Problem:
When copying the listing below, skip every picture and repeat exactly the lines from the first one through the line that contains "msp = doc.modelspace()".

=======

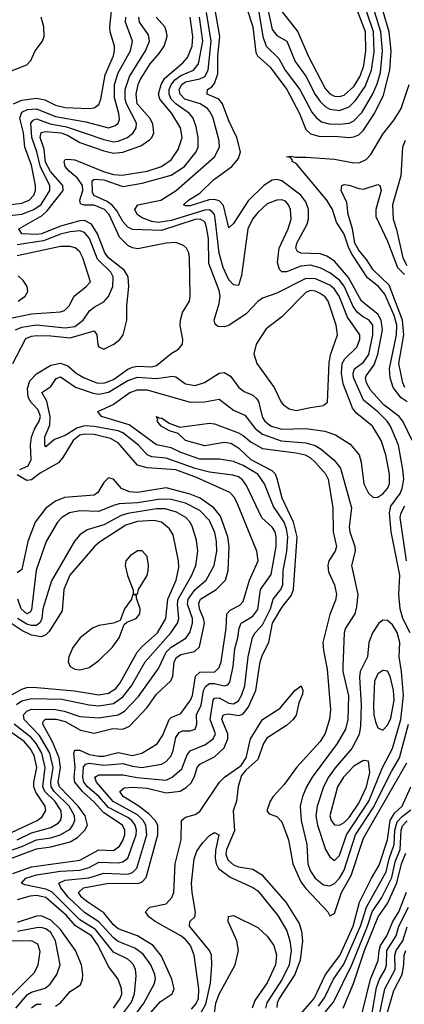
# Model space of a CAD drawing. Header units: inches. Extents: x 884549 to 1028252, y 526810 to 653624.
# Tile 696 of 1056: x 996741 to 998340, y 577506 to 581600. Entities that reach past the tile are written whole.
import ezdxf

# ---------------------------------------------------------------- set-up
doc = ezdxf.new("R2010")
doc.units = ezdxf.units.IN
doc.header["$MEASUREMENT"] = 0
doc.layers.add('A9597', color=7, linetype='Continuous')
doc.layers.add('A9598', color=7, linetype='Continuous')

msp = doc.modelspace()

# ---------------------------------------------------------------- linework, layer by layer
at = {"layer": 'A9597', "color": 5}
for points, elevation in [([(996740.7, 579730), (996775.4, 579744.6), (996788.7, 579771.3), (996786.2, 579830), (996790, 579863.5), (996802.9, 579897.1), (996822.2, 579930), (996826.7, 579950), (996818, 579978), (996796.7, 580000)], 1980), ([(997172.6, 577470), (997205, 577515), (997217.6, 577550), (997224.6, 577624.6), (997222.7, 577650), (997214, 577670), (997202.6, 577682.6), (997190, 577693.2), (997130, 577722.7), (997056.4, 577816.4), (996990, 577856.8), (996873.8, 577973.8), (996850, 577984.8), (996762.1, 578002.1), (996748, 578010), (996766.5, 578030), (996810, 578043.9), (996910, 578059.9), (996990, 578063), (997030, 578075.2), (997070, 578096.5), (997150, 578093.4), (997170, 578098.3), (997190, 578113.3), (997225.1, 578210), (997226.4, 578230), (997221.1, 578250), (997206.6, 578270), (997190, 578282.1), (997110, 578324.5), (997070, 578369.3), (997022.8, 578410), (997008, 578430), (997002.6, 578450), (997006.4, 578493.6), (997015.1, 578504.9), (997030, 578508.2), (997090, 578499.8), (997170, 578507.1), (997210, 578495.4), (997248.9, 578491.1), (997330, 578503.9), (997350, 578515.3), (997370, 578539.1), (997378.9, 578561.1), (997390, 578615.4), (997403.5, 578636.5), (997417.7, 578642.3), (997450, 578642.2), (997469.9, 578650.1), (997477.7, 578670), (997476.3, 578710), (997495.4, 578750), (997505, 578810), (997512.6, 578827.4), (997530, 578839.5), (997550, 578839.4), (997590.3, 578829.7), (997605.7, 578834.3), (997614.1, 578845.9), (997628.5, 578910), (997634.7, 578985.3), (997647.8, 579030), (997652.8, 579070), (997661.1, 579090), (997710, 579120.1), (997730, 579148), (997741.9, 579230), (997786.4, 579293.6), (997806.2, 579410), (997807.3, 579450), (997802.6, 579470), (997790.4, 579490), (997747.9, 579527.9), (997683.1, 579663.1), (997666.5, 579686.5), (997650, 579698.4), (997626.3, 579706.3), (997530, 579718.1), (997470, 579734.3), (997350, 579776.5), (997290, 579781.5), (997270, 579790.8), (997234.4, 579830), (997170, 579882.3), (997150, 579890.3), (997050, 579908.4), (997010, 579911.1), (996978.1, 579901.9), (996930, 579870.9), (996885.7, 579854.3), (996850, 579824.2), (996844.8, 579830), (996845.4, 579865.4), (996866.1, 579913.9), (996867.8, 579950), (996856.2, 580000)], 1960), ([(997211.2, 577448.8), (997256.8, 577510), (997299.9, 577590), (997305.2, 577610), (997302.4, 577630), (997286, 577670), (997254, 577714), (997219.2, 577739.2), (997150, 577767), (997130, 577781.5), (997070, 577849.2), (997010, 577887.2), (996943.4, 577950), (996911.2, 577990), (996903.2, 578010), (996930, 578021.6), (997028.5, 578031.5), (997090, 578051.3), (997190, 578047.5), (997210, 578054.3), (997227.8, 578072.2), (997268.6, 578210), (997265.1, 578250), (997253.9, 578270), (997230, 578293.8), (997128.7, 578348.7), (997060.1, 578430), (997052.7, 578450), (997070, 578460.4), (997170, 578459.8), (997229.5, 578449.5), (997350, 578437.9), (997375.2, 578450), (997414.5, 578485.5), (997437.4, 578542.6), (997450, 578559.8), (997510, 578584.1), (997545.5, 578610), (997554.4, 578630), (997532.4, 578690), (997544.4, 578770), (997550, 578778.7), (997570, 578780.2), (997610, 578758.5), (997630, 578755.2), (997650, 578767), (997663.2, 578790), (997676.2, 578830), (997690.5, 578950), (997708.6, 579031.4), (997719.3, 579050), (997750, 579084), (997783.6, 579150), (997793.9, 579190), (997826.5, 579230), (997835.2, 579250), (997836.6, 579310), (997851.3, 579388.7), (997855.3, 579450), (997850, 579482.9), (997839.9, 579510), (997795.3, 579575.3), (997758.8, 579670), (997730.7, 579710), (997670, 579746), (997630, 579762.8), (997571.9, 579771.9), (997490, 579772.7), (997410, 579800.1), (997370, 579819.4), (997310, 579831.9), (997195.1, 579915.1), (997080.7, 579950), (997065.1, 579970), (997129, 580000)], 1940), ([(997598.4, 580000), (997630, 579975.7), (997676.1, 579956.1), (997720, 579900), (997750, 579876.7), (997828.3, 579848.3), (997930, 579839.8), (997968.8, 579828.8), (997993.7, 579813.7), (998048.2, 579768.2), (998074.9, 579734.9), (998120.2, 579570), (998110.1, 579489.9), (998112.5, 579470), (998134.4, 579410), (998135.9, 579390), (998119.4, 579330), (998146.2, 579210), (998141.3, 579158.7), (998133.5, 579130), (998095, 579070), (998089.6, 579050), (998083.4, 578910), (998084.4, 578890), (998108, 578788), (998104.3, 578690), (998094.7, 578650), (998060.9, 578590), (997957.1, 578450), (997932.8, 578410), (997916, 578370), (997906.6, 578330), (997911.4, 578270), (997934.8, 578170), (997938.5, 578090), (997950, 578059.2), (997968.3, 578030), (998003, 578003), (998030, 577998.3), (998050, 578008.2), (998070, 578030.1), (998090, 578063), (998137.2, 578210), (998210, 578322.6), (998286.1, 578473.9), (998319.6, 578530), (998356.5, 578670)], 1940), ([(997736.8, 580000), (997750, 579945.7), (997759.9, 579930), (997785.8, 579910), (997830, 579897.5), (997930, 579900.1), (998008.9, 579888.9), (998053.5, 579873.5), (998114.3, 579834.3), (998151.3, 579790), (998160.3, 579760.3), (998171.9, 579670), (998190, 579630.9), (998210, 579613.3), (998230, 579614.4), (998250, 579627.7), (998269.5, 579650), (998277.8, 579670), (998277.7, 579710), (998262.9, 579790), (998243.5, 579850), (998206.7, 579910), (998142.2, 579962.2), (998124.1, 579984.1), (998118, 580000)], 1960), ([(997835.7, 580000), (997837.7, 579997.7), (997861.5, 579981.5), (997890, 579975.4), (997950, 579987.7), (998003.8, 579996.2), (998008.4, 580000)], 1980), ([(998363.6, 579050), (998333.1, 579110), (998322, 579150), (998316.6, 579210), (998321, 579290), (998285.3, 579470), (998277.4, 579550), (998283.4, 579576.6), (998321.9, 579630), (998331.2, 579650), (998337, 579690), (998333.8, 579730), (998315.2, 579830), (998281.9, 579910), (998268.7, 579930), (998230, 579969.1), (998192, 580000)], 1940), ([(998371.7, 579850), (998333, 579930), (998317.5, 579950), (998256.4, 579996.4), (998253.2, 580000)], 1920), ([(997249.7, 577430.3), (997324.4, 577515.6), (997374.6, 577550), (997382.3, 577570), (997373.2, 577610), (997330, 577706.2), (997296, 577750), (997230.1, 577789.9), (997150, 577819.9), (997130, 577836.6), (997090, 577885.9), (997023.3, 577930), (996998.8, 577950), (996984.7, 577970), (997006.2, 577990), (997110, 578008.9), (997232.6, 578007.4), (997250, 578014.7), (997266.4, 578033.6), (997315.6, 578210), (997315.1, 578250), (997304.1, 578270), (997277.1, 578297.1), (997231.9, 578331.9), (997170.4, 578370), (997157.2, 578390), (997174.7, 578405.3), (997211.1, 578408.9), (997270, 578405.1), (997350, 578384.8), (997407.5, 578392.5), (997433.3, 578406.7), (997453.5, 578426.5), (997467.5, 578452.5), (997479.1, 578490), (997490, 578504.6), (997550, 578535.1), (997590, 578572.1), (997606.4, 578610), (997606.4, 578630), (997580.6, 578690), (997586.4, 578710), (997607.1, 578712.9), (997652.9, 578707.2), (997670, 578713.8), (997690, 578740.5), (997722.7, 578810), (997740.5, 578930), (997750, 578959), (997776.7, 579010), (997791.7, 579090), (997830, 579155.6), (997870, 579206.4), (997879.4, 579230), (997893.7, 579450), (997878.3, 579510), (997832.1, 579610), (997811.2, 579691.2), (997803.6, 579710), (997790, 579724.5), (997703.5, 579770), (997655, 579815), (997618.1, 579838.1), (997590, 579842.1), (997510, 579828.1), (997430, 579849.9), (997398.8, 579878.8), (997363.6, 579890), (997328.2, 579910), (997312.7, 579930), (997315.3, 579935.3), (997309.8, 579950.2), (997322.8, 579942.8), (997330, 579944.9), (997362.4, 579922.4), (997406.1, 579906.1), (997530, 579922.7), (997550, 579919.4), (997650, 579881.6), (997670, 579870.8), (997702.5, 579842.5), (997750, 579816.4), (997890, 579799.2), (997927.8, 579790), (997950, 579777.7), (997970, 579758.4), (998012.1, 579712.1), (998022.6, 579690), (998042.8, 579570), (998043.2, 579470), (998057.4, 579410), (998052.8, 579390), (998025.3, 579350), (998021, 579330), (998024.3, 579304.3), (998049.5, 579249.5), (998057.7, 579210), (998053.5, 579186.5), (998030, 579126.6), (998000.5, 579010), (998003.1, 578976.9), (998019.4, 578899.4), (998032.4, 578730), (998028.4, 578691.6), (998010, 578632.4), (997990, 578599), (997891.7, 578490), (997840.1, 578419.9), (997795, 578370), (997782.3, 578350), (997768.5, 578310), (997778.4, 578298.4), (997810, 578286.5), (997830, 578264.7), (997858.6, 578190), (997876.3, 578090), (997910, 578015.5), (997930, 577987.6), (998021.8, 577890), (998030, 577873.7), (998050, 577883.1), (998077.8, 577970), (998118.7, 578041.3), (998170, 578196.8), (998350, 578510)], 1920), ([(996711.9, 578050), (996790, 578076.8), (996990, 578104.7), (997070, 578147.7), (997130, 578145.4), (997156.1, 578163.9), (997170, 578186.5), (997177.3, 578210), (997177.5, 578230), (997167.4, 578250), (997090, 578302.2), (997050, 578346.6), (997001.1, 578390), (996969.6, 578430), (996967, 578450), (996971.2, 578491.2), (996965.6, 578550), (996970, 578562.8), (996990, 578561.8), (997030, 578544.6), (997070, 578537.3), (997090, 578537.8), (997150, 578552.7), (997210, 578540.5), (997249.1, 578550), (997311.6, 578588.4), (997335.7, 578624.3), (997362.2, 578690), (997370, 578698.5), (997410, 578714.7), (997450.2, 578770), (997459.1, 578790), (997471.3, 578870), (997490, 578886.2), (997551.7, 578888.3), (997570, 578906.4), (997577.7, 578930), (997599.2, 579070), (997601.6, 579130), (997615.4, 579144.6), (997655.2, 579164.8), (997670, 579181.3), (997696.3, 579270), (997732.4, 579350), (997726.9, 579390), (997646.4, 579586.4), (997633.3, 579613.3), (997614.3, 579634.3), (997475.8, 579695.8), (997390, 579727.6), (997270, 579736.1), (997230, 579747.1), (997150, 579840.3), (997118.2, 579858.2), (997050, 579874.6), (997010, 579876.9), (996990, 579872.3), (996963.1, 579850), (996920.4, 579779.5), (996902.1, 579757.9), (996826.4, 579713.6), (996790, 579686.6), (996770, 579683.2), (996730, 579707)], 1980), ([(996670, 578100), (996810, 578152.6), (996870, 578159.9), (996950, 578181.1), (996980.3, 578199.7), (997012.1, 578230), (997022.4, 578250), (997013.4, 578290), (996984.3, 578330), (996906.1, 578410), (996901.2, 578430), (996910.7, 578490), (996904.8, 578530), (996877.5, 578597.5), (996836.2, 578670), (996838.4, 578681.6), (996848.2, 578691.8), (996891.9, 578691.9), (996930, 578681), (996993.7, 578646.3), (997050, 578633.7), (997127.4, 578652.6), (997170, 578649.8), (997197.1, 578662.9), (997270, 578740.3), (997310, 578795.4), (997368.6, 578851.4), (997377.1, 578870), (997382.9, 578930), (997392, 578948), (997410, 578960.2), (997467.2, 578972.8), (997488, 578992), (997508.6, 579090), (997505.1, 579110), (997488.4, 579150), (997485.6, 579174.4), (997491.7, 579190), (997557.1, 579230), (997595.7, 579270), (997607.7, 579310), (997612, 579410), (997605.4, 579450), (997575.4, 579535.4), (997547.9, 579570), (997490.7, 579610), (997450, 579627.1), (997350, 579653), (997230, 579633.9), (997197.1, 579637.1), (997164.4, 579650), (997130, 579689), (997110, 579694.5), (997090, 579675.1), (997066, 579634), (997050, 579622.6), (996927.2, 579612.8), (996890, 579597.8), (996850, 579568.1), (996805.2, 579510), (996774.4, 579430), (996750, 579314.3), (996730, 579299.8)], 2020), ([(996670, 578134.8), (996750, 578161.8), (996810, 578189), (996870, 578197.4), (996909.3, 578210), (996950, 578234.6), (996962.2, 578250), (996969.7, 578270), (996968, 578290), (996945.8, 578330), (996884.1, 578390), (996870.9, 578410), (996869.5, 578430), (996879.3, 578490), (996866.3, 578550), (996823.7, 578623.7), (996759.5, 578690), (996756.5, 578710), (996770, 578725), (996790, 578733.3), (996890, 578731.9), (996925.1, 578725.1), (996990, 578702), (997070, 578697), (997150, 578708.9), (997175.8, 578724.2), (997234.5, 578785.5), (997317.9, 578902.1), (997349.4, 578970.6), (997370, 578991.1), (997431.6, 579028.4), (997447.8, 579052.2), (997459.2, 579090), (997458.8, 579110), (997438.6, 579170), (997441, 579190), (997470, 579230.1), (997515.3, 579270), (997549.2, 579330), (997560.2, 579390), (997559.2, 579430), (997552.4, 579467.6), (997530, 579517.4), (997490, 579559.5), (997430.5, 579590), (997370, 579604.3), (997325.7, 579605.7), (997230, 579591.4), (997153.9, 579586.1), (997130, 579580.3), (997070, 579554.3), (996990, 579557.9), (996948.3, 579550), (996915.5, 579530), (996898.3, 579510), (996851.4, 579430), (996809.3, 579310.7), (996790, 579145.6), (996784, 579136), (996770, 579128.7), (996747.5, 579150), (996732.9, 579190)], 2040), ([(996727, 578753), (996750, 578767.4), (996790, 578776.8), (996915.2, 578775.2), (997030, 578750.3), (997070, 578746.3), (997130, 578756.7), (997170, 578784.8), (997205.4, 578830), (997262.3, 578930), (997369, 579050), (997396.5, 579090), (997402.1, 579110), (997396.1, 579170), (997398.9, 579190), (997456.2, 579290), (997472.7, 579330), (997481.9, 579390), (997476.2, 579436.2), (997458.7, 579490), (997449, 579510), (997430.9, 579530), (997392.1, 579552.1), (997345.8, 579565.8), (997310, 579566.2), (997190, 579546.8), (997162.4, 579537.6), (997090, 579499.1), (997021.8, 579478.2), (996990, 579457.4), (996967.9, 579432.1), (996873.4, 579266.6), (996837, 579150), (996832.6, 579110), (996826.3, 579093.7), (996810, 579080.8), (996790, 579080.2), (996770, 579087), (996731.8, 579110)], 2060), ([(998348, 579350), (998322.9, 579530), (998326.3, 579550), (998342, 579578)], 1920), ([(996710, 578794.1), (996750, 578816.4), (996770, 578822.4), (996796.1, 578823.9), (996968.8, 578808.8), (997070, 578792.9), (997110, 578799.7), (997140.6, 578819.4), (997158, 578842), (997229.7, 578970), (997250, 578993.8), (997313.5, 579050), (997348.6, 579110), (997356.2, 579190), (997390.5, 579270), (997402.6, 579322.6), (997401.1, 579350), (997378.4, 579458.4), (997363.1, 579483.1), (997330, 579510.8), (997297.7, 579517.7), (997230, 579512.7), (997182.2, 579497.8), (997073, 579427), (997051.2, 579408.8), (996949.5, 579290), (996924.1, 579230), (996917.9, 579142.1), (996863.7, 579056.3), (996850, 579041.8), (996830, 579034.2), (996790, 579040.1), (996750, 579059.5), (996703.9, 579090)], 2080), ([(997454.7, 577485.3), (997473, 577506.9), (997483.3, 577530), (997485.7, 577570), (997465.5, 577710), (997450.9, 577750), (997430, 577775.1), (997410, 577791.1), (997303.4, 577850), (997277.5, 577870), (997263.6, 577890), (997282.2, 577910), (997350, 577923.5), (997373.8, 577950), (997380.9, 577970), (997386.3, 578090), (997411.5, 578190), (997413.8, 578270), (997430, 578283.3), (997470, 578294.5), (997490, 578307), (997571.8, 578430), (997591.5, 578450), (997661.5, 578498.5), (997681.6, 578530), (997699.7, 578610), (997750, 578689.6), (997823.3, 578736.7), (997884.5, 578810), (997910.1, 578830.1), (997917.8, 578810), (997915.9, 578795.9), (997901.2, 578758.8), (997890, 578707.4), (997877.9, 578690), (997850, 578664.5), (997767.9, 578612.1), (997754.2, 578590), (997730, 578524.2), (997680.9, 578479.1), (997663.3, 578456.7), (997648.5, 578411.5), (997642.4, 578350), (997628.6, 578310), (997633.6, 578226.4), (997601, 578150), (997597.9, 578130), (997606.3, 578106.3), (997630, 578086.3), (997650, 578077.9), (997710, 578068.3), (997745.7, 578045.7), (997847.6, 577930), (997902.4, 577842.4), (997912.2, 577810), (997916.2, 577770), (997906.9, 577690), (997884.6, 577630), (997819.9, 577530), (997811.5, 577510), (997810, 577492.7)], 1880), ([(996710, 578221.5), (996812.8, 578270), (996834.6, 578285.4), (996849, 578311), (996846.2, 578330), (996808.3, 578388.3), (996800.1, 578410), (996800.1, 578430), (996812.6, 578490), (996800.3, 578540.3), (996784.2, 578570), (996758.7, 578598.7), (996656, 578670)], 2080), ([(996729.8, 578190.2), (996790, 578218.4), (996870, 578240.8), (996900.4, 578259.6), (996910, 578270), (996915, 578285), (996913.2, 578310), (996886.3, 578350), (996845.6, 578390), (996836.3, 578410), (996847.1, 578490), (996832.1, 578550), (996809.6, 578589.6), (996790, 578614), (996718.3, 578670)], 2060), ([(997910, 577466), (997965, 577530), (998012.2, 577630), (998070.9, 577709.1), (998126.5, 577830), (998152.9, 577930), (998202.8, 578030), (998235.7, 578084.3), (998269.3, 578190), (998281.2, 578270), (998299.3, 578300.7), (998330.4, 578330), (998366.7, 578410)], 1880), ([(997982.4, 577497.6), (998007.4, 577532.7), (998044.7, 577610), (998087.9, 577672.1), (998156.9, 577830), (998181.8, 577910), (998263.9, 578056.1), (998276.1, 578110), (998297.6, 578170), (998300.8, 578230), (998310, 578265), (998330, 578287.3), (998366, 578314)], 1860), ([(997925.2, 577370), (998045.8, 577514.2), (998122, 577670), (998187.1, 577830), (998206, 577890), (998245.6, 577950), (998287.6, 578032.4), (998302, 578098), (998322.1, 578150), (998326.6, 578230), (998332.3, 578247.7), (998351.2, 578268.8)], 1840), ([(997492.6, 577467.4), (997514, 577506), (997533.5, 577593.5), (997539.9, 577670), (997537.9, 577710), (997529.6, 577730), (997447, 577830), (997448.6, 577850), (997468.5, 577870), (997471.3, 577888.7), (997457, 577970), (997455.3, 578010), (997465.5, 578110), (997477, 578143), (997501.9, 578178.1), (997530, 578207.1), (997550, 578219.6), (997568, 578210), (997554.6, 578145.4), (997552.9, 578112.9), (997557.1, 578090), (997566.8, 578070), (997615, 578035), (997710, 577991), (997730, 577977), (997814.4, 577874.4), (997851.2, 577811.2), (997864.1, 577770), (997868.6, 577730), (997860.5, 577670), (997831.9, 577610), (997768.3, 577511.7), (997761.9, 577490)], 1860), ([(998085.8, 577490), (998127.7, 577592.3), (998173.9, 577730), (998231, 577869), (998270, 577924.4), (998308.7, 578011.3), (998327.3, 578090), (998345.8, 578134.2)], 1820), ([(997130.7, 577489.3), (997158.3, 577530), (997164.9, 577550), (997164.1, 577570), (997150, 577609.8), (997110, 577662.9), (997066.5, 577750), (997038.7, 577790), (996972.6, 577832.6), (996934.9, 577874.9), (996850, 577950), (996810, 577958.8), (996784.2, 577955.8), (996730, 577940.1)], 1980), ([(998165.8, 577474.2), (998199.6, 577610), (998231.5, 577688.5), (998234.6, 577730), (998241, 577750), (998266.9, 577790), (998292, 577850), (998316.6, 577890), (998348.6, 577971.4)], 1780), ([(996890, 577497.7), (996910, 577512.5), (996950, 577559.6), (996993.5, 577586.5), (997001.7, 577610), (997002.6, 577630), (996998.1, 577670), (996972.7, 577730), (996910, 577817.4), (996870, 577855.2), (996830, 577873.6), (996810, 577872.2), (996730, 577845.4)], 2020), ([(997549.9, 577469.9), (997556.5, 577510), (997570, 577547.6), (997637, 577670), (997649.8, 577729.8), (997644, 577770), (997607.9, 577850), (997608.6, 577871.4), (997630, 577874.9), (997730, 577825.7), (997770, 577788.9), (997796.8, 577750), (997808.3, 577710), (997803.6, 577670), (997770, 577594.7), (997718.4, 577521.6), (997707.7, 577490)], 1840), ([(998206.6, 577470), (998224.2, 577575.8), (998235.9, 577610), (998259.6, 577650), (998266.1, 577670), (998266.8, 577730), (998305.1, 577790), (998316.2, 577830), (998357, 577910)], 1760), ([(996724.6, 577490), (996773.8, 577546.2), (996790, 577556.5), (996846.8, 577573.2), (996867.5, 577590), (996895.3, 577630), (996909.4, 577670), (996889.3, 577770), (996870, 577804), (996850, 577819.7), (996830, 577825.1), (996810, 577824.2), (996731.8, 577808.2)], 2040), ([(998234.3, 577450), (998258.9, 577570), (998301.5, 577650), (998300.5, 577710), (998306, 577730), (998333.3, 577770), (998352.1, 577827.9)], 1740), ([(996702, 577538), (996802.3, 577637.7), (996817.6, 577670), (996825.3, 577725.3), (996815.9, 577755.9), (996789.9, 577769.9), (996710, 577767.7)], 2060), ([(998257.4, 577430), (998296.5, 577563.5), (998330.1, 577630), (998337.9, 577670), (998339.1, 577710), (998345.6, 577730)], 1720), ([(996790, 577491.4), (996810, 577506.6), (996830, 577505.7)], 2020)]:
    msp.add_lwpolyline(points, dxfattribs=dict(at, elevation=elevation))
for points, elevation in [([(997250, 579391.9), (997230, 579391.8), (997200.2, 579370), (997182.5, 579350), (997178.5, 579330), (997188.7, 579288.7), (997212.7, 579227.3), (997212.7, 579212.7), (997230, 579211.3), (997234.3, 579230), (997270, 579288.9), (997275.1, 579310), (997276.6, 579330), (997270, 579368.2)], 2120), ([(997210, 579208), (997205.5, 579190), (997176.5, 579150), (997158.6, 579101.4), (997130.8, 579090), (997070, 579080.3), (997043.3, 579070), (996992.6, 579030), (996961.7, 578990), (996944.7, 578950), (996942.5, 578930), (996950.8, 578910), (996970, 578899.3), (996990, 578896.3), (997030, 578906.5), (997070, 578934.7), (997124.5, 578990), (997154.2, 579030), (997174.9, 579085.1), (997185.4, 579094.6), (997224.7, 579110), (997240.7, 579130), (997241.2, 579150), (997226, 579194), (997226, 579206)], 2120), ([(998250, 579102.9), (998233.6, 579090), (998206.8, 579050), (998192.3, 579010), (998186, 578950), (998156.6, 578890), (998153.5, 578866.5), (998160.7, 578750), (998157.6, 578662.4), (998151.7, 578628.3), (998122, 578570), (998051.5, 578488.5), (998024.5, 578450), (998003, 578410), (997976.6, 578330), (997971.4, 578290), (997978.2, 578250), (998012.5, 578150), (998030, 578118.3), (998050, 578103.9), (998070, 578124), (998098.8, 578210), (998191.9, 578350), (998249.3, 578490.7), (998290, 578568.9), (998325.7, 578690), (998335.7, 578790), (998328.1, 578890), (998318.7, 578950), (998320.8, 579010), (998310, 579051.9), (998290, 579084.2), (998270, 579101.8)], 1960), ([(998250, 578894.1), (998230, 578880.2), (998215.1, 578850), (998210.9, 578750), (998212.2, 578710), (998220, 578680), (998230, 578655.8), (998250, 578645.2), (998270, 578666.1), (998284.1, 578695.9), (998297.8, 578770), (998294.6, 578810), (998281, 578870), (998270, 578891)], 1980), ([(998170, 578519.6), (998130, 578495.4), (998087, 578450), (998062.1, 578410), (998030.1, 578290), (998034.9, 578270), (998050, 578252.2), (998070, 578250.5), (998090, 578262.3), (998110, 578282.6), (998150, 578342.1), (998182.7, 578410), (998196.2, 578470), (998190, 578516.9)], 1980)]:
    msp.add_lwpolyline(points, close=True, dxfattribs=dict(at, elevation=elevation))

=======

Written answer:
# Model space of a CAD drawing. Header units: inches. Extents: x 884549 to 1028252, y 526810 to 653624.
# Tile 696 of 1056: x 996741 to 998340, y 577506 to 581600. Entities that reach past the tile are written whole.
import ezdxf

# ---------------------------------------------------------------- set-up
doc = ezdxf.new("R2010")
doc.units = ezdxf.units.IN
doc.header["$MEASUREMENT"] = 0
doc.layers.add('A9597', color=7, linetype='Continuous')
doc.layers.add('A9598', color=7, linetype='Continuous')

msp = doc.modelspace()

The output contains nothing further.